Author Posts

November 6, 2013 at 10:38 am

Currently, I pull data from AD (approx. 25000 records) , DFS Namespace 1 (approx. 13000 records), DFS Namespace 2. I have a function that loops thru each AD user, does a lookup in the DFS Namespace 1 and 2 and builds a result PSObject. As requirements have continually changed, I've added more for loops and if blocks for each user to be processed, so this script that was running in 45 minutes is now taking like 5 hours.

I'm looking for ways to make the script more efficient. For instance, if I build each data object with a common attribute (e.g. SamAccountName), has anyone attempted to do a Join on multiple datasets with an attribute. I've seen blogs like http://blogs.msdn.com/b/powershell/archive/2012/07/13/join-object.aspx, but they still take a while to Join. Is it possible to convert them to DataTables and do SQL type join to get a final result set (like LINQ). Just curious if any of the experts have worked something like this and what was found to be the most efficient way to build a final result with all of the data joined together.

I can provide code, but I'm just curious if someone has had a similar scenario and if they've measured 15 different options and came to a consensus on the best approach. Thanks

November 6, 2013 at 12:39 pm

When you're working with a small enough data set that everything can be stored in memory, I build hashtables for this purpose. Doing a lookup on the key of a hashtable is quite fast. For example:

$adUsers = @{}

Get-ADUser -Filter * |
ForEach-Object {
    $adUsers[$_.SamAccountName] = $_
}

# Later:

$adUser = $adUsers[$someSamAccountName]
if ($null -ne $adUser)
{
    # do stuff
}

If the data's too large for that, I'd probably just use PowerShell to stick all that data into a SQL database, which can handle joins and full-text indexing, rather than trying to reinvent that particular wheel myself.

November 6, 2013 at 12:46 pm

I was actually writing the code to try option 2 as I agree with not re-inventing the wheel, writing to SQL and doing a query with joins. Never used a hash table for lookups, so I may try to rewrite the code using a hash versus a | Where-Object search on a PSObject just to do some measuring. I didn't want to spend time rewriting code if there was something blatantly simple I was missing. Thanks for the prompt response.

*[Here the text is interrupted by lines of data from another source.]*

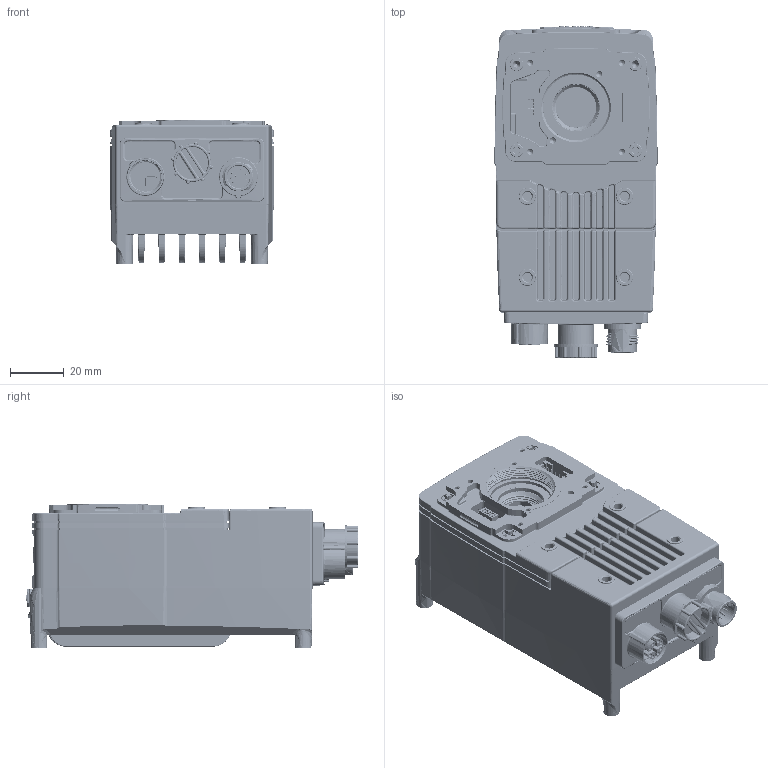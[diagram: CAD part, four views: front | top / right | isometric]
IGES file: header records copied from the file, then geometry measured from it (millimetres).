
Start section: SolidWorks IGES file using analytic representation for surfaces
Global section: file name: M:\IS019\IS019-01\IS019-01_5-8-19.IGS; native system: SolidWorks 2018; preprocessor: SolidWorks 2018; author: rgainer; date: 190510.151139; units: millimetre
Bounding box: 60.5 x 123.06 x 53.4 mm (x, y, z)
Surface area: 74604.1 mm2 (no closed solid volume)
Topology: 0 solids, 0 shells, 6866 faces, 64514 edges, 64349 vertices
Faces by surface type: bspline 4353, revolution 2513
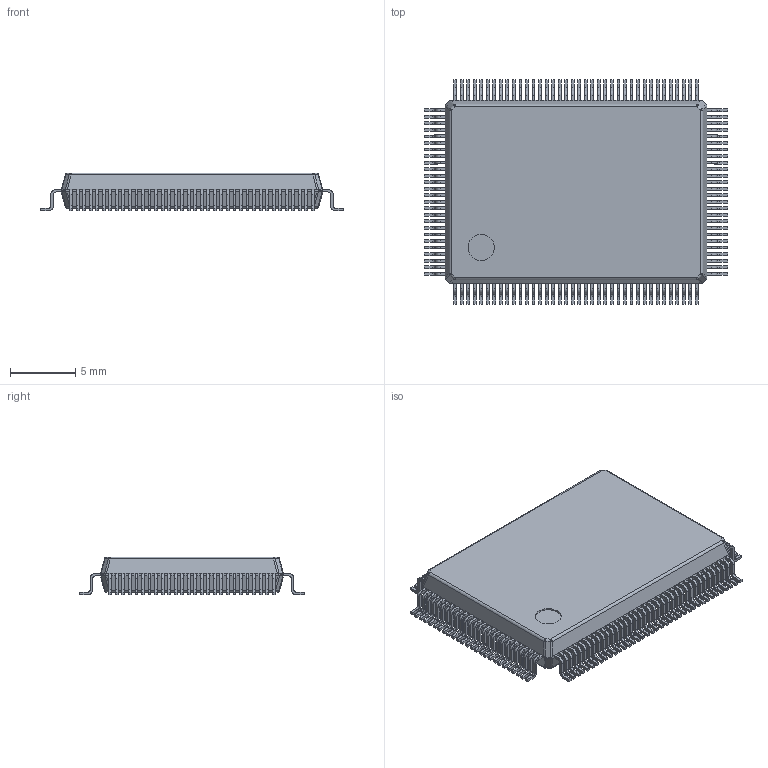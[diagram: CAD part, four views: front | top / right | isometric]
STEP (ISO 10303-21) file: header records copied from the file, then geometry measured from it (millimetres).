
FILE_DESCRIPTION (( 'STEP AP214' ), '1' );
FILE_NAME ('User Library-QFP5-128.STEP', '2019-06-10T15:35:20', ( '' ), ( '' ), 'SwSTEP 2.0', 'SolidWorks 2019', '' );
FILE_SCHEMA (( 'AUTOMOTIVE_DESIGN' ));
Length unit declared in the file: millimetre
Products named in the file (1): User Library-QFP5-128
Bounding box: 23.2 x 17.2 x 2.9 mm (x, y, z)
Volume: 742 mm3; surface area: 996.9 mm2
Topology: 39 solids, 39 shells, 1877 faces, 4986 edges, 3188 vertices
Faces by surface type: plane 1307, cylinder 554, sphere 16
Entity records: 59833 total; most frequent: CARTESIAN_POINT 10196, ORIENTED_EDGE 9972, DIRECTION 9770, EDGE_CURVE 4986, LINE 3862, VECTOR 3862, VERTEX_POINT 3188, AXIS2_PLACEMENT_3D 2954

November 6, 2013 at 2:23 pm

I dont know if this will help but I had an issue where I had very large csv files (tens of thousands of records) that I needed to "join". Key lookup methods were too time consuming so I wrote this:
http://gallery.technet.microsoft.com/Join-CSV-A-simple-SQL-c2f92b60

Cheers

David Z

November 7, 2013 at 4:05 pm

[quote=11228]I dont know if this will help but I had an issue where I had very large csv files (tens of thousands of records) that I needed to “join”. Key lookup methods were too time consuming so I wrote this:
http://gallery.technet.microsoft.com/Join-CSV-A-simple-SQL-c2f92b60
Cheers
David Z
[/quote]

Your script is very similar to the algorithm used by Compare-Object (sorting and enumerating two collections together.) It still holds everything in memory while that's being done, though. For really large datasets (that would exceed PowerShell's maximum memory limits), it's more of a pain.